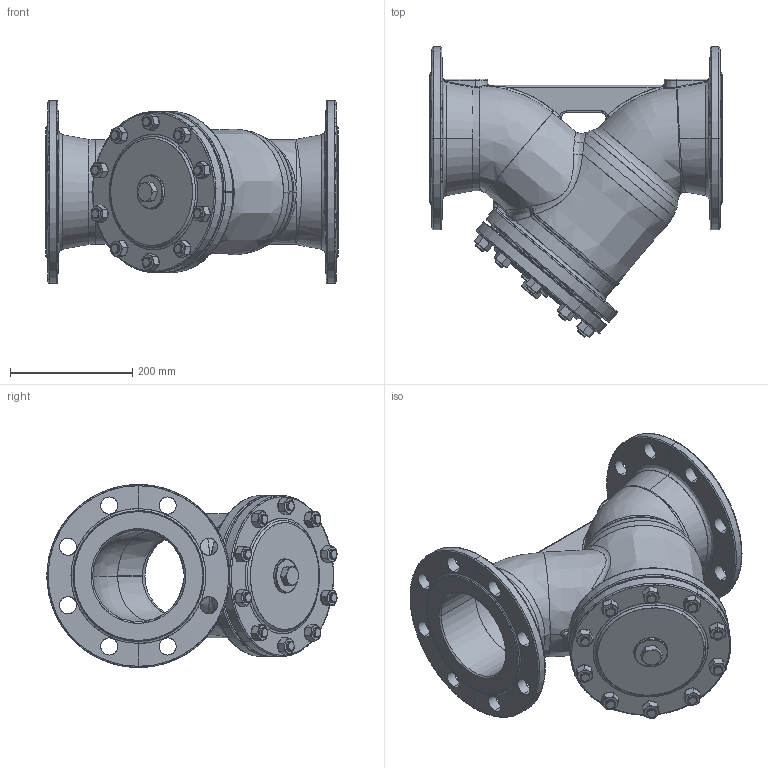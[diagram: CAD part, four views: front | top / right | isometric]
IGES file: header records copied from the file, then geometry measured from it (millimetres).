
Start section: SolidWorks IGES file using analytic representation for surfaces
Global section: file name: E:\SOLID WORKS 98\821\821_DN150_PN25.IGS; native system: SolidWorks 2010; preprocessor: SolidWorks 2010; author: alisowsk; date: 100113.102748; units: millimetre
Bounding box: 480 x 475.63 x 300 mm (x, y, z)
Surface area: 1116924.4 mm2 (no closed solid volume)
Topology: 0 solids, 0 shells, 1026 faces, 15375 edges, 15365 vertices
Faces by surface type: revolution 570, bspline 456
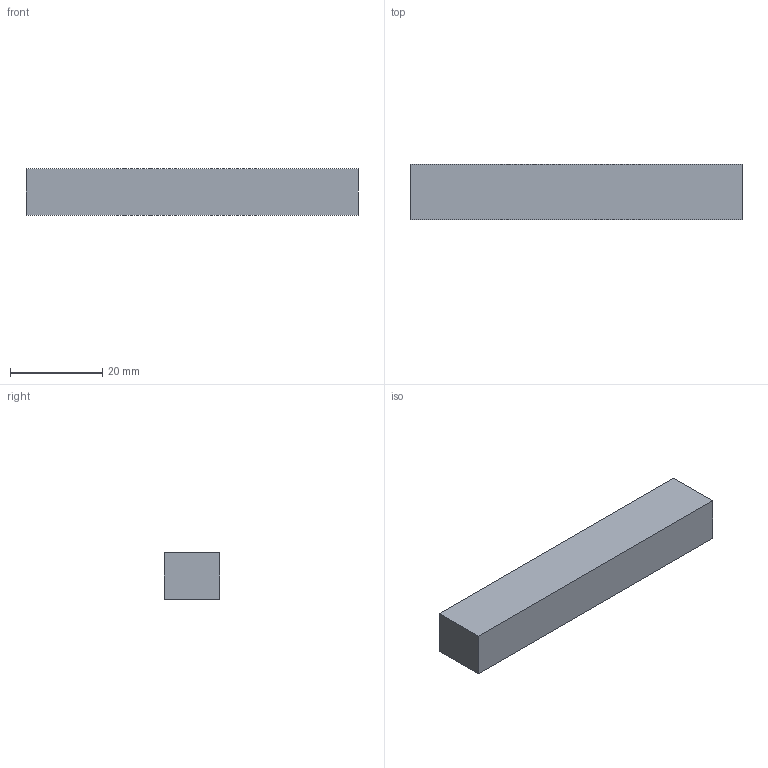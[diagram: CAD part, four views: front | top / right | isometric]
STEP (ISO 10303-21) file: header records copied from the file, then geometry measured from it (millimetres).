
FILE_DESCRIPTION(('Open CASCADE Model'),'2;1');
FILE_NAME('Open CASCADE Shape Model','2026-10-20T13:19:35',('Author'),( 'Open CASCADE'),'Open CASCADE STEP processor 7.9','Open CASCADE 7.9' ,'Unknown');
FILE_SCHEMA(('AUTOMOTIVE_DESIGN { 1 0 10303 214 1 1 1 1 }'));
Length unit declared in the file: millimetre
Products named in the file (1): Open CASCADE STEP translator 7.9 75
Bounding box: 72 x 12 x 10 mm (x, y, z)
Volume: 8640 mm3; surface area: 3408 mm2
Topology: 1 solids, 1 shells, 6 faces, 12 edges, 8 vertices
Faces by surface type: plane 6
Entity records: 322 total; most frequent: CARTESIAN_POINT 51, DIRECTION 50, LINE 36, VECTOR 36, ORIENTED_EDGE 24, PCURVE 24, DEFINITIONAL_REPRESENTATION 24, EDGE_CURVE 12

════

WHAT TO DO: Exactly as written, give the entries above again, with no images.

RESULT:
[diagram: CAD part, four views: front | top / right | isometric]
IGES file: header records copied from the file, then geometry measured from it (millimetres).
Start section: SolidWorks IGES file using analytic representation for surfaces
Global section: file name: E:\SOLID WORKS 98\821\821_DN150_PN25.IGS; native system: SolidWorks 2010; preprocessor: SolidWorks 2010; author: alisowsk; date: 100113.102748; units: millimetre
Bounding box: 480 x 475.63 x 300 mm (x, y, z)
Surface area: 1116924.4 mm2 (no closed solid volume)
Topology: 0 solids, 0 shells, 1026 faces, 15375 edges, 15365 vertices
Faces by surface type: revolution 570, bspline 456
[diagram: CAD part, four views: front | top / right | isometric]
STEP (ISO 10303-21) file: header records copied from the file, then geometry measured from it (millimetres).
FILE_DESCRIPTION(('Open CASCADE Model'),'2;1');
FILE_NAME('Open CASCADE Shape Model','2026-10-20T13:19:35',('Author'),( 'Open CASCADE'),'Open CASCADE STEP processor 7.9','Open CASCADE 7.9' ,'Unknown');
FILE_SCHEMA(('AUTOMOTIVE_DESIGN { 1 0 10303 214 1 1 1 1 }'));
Length unit declared in the file: millimetre
Products named in the file (1): Open CASCADE STEP translator 7.9 75
Bounding box: 72 x 12 x 10 mm (x, y, z)
Volume: 8640 mm3; surface area: 3408 mm2
Topology: 1 solids, 1 shells, 6 faces, 12 edges, 8 vertices
Faces by surface type: plane 6
Entity records: 322 total; most frequent: CARTESIAN_POINT 51, DIRECTION 50, LINE 36, VECTOR 36, ORIENTED_EDGE 24, PCURVE 24, DEFINITIONAL_REPRESENTATION 24, EDGE_CURVE 12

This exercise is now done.